The aircraft carried a 400lb high explosive ‘Cookie’ and 7920 lbs of incendiary bombs. It took off from RAF Wickenby at 10.30 in the evening. I am indebted for what follows concerning the flight to Tony Beeton.

‘As the aircraft crossed the Dutch coast the port outer engine started to give trouble and ran very roughly. After awhile it ran smoothly again so the decision was made to continue onto the target. The crew had an uneventful trip to the target and began their bombing run just a little behind the allotted time. As the pilot held the aircraft steady, following the bomb aimers instructions a piece of flak shrapnel hits the starboard inner engine with a loud bang but the pilot held his course until the call “Bombs Gone” when he banked to starboard and headed for home.

By now the starboard inner had lost its oil pressure requiring that it be shut down. At almost the same time the port outer engine started to give trouble again and the Lancaster was flying on two and a half engines, slowly losing height.

Lancasters being attacked by German night fighters

Lancasters being attacked by German night fighters

At about 02.00 hours whilst flying at about 19,000 ft over Holland, the Lancaster was suddenly raked by bullets from an enemy night fighter all along the port side. The port fuel tank was ruptured and the port wing caught fire and was burning furiously. The Pilot called to the crew over the intercom and found the Wireless Operator and Navigator had been killed by the burst of gunfire. He realised that the position was hopeless and as the aircraft was becoming difficult to handle, gave the order “Abandon Aircraft”.

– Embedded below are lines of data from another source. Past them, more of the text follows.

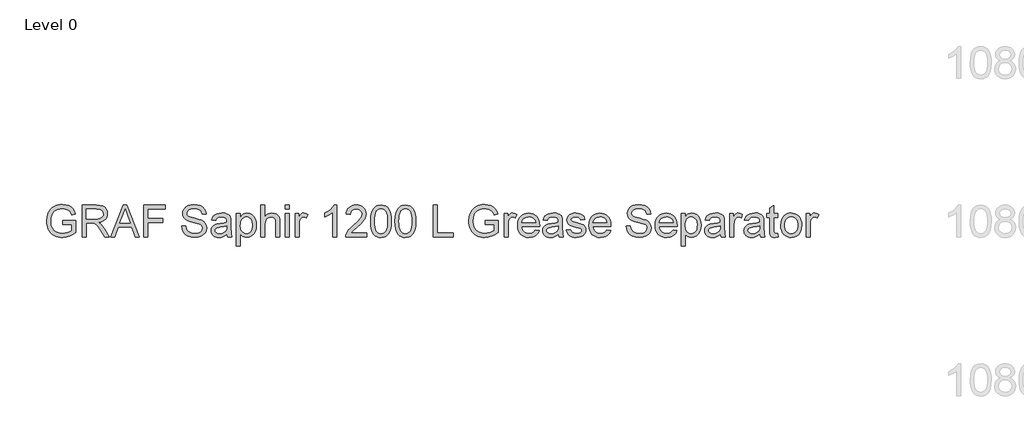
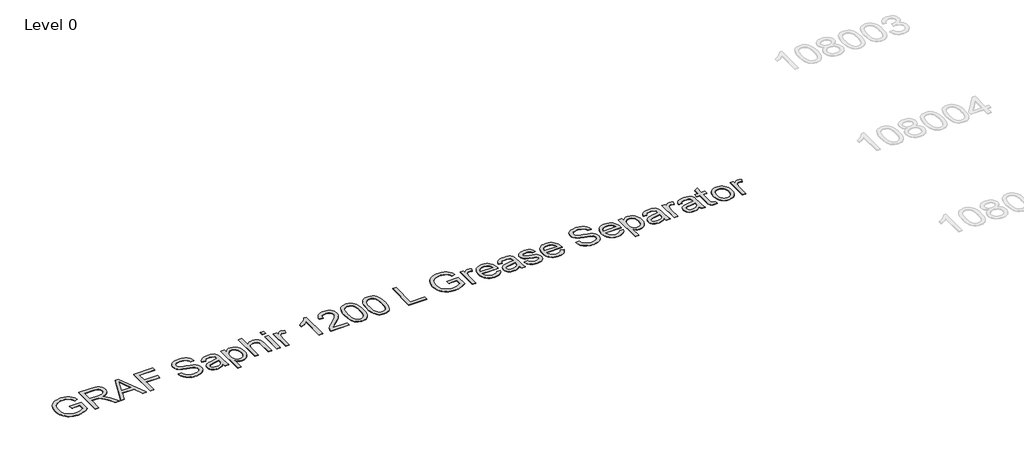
# One storey, part 1 of 15: 1 proxy.
"""IFC4 building model written with IfcOpenShell, lengths in millimetres."""

from ifc_helpers import new_model, si_unit, origin, origin_with_axes, place, context, project, spatial, polyline, outline, extrude, element, save

model = new_model("IFC4")

# Units and contexts
model_context = context("Model", 3, world=origin())
ifc_project = project(units=[si_unit("LENGTHUNIT", "METRE", prefix="MILLI")], contexts=[model_context])

# Site, building, storey
site = spatial("IfcSite", under=ifc_project)
building = spatial("IfcBuilding", under=site)
storey = spatial("IfcBuildingStorey", under=building, Name="Level 0", Elevation=0.0)

# Proxy
placement = place(None, origin())
element("IfcBuildingElementProxy", 1, Name="400mm Arial", ObjectType="400mm Arial", at=placement, inside=storey, context=model_context, shape_type="SweptSolid", body=[
    extrude(outline(polyline([(-14937.8149833, 2305.9861864), (-14937.8149833, 2356.2143415), (-14774.5734793, 2356.2143415), (-14774.5734793, 2206.0203856), (-14814.2434211, 2178.429236), (-14855.1641617, 2158.6371846), (-14897.2375993, 2146.717808), (-14940.3656318, 2142.7446824), (-14969.2167773, 2144.3235093), (-14996.7128907, 2149.05999), (-15022.8539722, 2156.9541245), (-15047.6400216, 2168.0059128), (-15070.2708957, 2182.0498079), (-15089.9464511, 2198.9202631), (-15106.6666877, 2218.6172783), (-15120.4316057, 2241.1408534), (-15131.182957, 2265.770553), (-15138.8624937, 2291.7859414), (-15143.4702157, 2319.1870187), (-15145.006123, 2347.9737848), (-15138.8870191, 2404.5662984), (-15131.2381393, 2431.3818302), (-15120.5297076, 2457.2102119), (-15106.9517963, 2480.9171408), (-15090.6944778, 2501.3683141), (-15071.7577521, 2518.5637317), (-15050.1416192, 2532.5033936), (-15026.3151286, 2543.2762047), (-15000.74733, 2550.9710698), (-14973.4382232, 2555.5879888), (-14944.3878083, 2557.1269618), (-14903.0133466, 2553.5585065), (-14865.8082141, 2542.8531404), (-14834.4769309, 2525.7834158), (-14810.7240167, 2503.1218849), (-14793.1515201, 2473.7771644), (-14780.3614894, 2436.6578711), (-14826.6655698, 2423.610323), (-14837.0030539, 2450.0855639), (-14849.5723554, 2470.0615563), (-14866.2006216, 2485.1201926), (-14888.7149997, 2496.8433655), (-14915.5581226, 2504.3849464), (-14945.1726232, 2506.8988067), (-14979.8393699, 2504.1887427), (-15009.478396, 2496.0585506), (-15033.9793369, 2483.5260373), (-15053.2318279, 2467.6090096), (-15068.0084214, 2449.1290708), (-15079.0816695, 2428.9078238), (-15090.8538933, 2390.9914528), (-15094.7779679, 2350.033924), (-15090.0568157, 2302.0007981), (-15075.8933588, 2262.4780091), (-15052.7167931, 2231.7475998), (-15020.9563142, 2210.091613), (-14983.78797, 2197.2525314), (-14944.3878083, 2192.9728375), (-14909.5984343, 2196.1979363), (-14875.6674516, 2205.8732328), (-14846.2001038, 2219.2028238), (-14824.8016344, 2233.390806), (-14824.8016344, 2305.9861864), (-14937.8149833, 2305.9861864)])), origin_with_axes(), (0.0, 0.0, 1.0), 5.0),
    extrude(outline(polyline([(-14692.9527273, 2149.0232018), (-14692.9527273, 2550.8484424), (-14519.8029349, 2550.8484424), (-14473.2658625, 2548.1383784), (-14439.4084563, 2540.0081863), (-14414.6622607, 2524.9986009), (-14395.4588206, 2501.6503569), (-14383.1347737, 2472.6980439), (-14379.0267581, 2440.8762513), (-14380.7282123, 2420.2380714), (-14385.832575, 2401.2921486), (-14394.3398462, 2384.0384831), (-14406.2500258, 2368.4770747), (-14421.716398, 2355.1045642), (-14440.892247, 2344.4175922), (-14463.7775727, 2336.4161588), (-14490.3723753, 2331.100264), (-14461.8247325, 2309.6159554), (-14421.1124584, 2257.9162724), (-14354.1088843, 2149.0232018), (-14412.4794942, 2149.0232018), (-14464.7677885, 2232.3116855), (-14502.5370066, 2287.4449339), (-14516.5778361, 2303.5213771), (-14529.0735612, 2313.4909791), (-14552.9613654, 2323.055911), (-14582.0976194, 2324.8217446), (-14642.7245723, 2324.8217446), (-14642.7245723, 2149.0232018), (-14692.9527273, 2149.0232018)]), holes=[polyline([(-14642.7245723, 2375.0498997), (-14530.2998345, 2375.0498997), (-14498.0120581, 2376.827996), (-14472.9592942, 2382.1622849), (-14454.0992106, 2391.4083857), (-14440.3894749, 2404.9219177), (-14432.0385536, 2421.268141), (-14429.2549132, 2439.0123159), (-14434.5646766, 2463.5132568), (-14450.493967, 2483.2562572), (-14462.6555327, 2490.8530204), (-14477.9011757, 2496.2792798), (-14517.6446939, 2500.6202873), (-14642.7245723, 2500.6202873), (-14642.7245723, 2375.0498997)])]), origin_with_axes(), (0.0, 0.0, 1.0), 5.0),
    extrude(outline(polyline([(-14337.9220765, 2149.0232018), (-14177.5255266, 2550.8484424), (-14134.7531133, 2550.8484424), (-13974.3565634, 2149.0232018), (-14027.4296726, 2149.0232018), (-14073.4394475, 2274.5935895), (-14238.9372943, 2274.5935895), (-14284.8489673, 2149.0232018), (-14337.9220765, 2149.0232018)]), holes=[polyline([(-14220.4941437, 2324.8217446), (-14091.7844963, 2324.8217446), (-14127.9840846, 2423.610323), (-14156.13932, 2500.6202873), (-14181.1552956, 2432.2432872), (-14220.4941437, 2324.8217446)])]), origin_with_axes(), (0.0, 0.0, 1.0), 5.0),
    extrude(outline(polyline([(-13920.6948431, 2149.0232018), (-13920.6948431, 2550.8484424), (-13650.7185095, 2550.8484424), (-13650.7185095, 2500.6202873), (-13870.466688, 2500.6202873), (-13870.466688, 2381.328419), (-13682.1111064, 2381.328419), (-13682.1111064, 2331.100264), (-13870.466688, 2331.100264), (-13870.466688, 2149.0232018), (-13920.6948431, 2149.0232018)])), origin_with_axes(), (0.0, 0.0, 1.0), 5.0),
    extrude(outline(polyline([(-13443.5273698, 2287.1506283), (-13393.2992148, 2287.1506283), (-13387.5357302, 2259.2774358), (-13377.112407, 2236.8734223), (-13360.8520228, 2219.0924592), (-13337.5773552, 2205.0884179), (-13309.1278143, 2196.0017326), (-13277.3428099, 2192.9728375), (-13249.3592528, 2195.2659686), (-13224.8583119, 2202.1453619), (-13205.0049469, 2213.034669), (-13190.9641174, 2227.3575413), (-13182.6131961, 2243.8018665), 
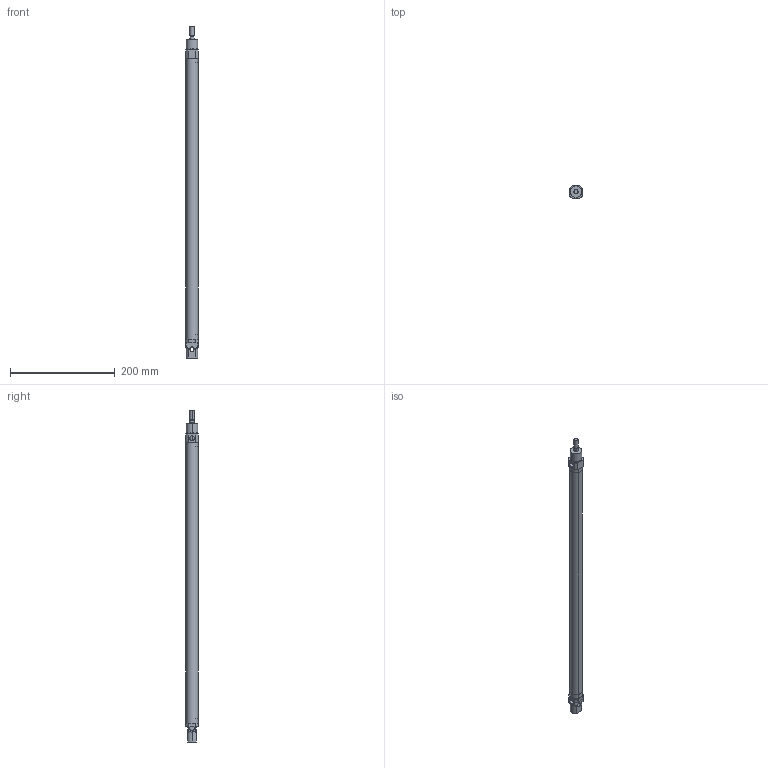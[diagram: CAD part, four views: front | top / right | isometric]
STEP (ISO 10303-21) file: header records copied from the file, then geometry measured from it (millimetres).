
FILE_DESCRIPTION (( 'STEP AP203' ), '1' );
FILE_NAME ('MA-CR-S-20x500CYLINDER.STEP', '2016-11-23T13:32:12', ( 'user' ), ( '' ), 'SwSTEP 2.0', 'SolidWorks 2013', '' );
FILE_SCHEMA (( 'CONFIG_CONTROL_DESIGN' ));
Length unit declared in the file: millimetre
Products named in the file (5): MA-CR-S  20 ARKA KAPAK ; MA-CR-S  20 烰 KAPAK ; MA-CR-S  20x500 BORU; MA-CR-S  20x500 M尳; MA-CR-S-20x500CYLINDER
Assembly tree (4 placements, depth 2):
  MA-CR-S-20x500CYLINDER
    MA-CR-S  20 ARKA KAPAK 
    MA-CR-S  20 烰 KAPAK 
    MA-CR-S  20x500 BORU
    MA-CR-S  20x500 M尳
Bounding box: 24 x 24 x 633.8 mm (x, y, z)
Volume: 118888.6 mm3; surface area: 99352.7 mm2
Topology: 4 solids, 4 shells, 102 faces, 247 edges, 160 vertices
Faces by surface type: cylinder 56, plane 36, cone 10
Entity records: 3658 total; most frequent: CARTESIAN_POINT 643, DIRECTION 571, ORIENTED_EDGE 494, EDGE_CURVE 247, AXIS2_PLACEMENT_3D 228, VERTEX_POINT 160, CIRCLE 120, EDGE_LOOP 117

The only response he received was from the Rear Gunner who said calmly “Do you mean now”. The pilot replied “Yes”. As the Pilot made his way down to the escape hatch in the Bomb Aimers position there was a violent explosion within the aircraft, followed a few seconds later by another. The next recollection the Pilot had was being free from the aircraft and falling towards the ground. He managed to open his parachute and watched as his burning Lancaster fell past him and crashed onto the ground. There were no signs of the other crew members.’

It sadly turned out that Sergeants  Morrit, Prestwell and Richardson had been killed, but the other four crew members, including Eric, had made it safely to the ground, where they found themselves near Asten outside Eindhoven in German-occupied Holland. Sindall and Turtle were soon captured and became POWs. Here we can read Eric’s own words, taken from the official RAF ‘Evasion Report’ written after an interview by M.I.9 at RAF Hendon on 15 September 1944, two days after Eric had flown home from Brussels. I’ll quote it in full as it’s quite brief.

23 May 44, Baled out near Eindhoven.

I was the pilot of a Lancaster aircraft which took off from Wickenby at 2230 hrs on 22 May 44. We were shot down by a night fighter, and baled out at 0115 hrs on 23 May 44. On landing I looked for other members of the crew and hid my parachute. I could see no one, so started walking South West.

After walking some distance I was stopped by a party of civilians, one of whom spoke very good English. They took me to a doctor, who treated my broken hand and cuts and bruises on my face. I was then taken to a farm about two miles from Someren… a small village South East of Eindhoven.

Next morning I was joined by F/Sgt, Punter… and we stayed at this farm for seven days.

Till 7 Jul 33, Camp near Eindhoven.

From here we moved to a camp run by the Dutch underground movement in woods near Eindhoven where we met F/Sgt. Gardner and F/Sgt. Sparkes. We were later joined by F/Sgt. Tend, R.A.F F/O Walker, R.A.F., F/O Walker, R.A.F., Sgt. Simmons, R.A.F., Sgt. Kinney, U.S.A.A.F., and Lt. Cooper, U.S.A.A.F. We remained in the camp until 7 Jul, when we moved to a farm for one night.

Crossed into Belgium.

Next morning we went by train from Venraij to Sittard. Here we lived in a private house in the town for three weeks. We were then moved to another house, near Roggel. We stayed there for two nights and then moved to a hut in the woods, where we stayed for ten days. From here we moved to a hut in an orchard near Kempen and, after two days, to a farm near Hunsel. Four days later we were taken over the border with Belgium.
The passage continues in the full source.